Tuesday, 15 February 2011

Wicked women ...

The first scene of Aphra Behn’s The Rover is something that is familiar to us is modern day drama. Or should I say Soap Opera? The basic plot is as follows: two sisters talk about love, older sister has to choose between two men (her father’s choice of an old hairy rich guy or her brother’s stuck-up rich friend) but actually loves a third man. Just like something out of As The World Turns, the brother comes up with the brilliant idea for sister to marry his friend while Daddy is out of town. The ladies see another option: go out on the town, find the third man and tell him you love him. The difference between this play and The Bold and the Beautiful is that The Rover was first performed in the seventeenth century. It seems the audience’s need to be entertained by far-reaching plots has been around for a very long time.

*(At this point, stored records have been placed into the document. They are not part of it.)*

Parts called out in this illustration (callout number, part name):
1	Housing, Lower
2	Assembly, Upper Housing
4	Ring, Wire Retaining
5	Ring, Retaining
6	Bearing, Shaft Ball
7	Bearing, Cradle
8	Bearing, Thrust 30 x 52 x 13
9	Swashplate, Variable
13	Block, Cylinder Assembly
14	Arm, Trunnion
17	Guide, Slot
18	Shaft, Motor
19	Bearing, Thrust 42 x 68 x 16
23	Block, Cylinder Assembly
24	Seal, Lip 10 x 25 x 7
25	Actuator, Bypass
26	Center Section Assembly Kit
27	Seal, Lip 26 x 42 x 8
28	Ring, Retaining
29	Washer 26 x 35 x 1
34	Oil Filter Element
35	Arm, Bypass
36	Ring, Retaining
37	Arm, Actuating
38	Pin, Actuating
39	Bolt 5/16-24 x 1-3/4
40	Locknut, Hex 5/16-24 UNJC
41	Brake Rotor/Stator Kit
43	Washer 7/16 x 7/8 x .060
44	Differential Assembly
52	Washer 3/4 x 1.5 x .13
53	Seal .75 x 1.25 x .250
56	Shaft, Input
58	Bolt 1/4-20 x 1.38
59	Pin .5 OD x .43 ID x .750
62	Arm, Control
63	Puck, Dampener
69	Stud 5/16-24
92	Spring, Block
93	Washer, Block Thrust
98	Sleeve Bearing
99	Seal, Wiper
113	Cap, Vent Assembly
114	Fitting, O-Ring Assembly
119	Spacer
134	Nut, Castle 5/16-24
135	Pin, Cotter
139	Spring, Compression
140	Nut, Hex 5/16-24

So far I have made light of the play, but it’s about far more than just humour and irony. The play was written in a witty way, but by witty I mean the female author engaging in a self-mocking of pathetic, feeble and fickle womankind – this of course seen from a society dominated by men. Traditionally, women in the seventeenth century led rather sheltered lives: the younger sister in this family was “bred in a Nunnery” (inspiration for which Behn seems to have got from her own past) whereas the elder sister was brought-up to be married off in order to gain money and other assets to strengthen the family’s sphere of influence. This makes for an interesting contrast between a life of celibacy and a life of sex for money. The need for power, male power, is something that is very emblematic of the society of the day. The Rover draws attention to and mocks this male-dominated social system by showing us that women don’t fall into line, have escape plans for everything and usually find a way to get their own way in the end. Oh, how wicked we are!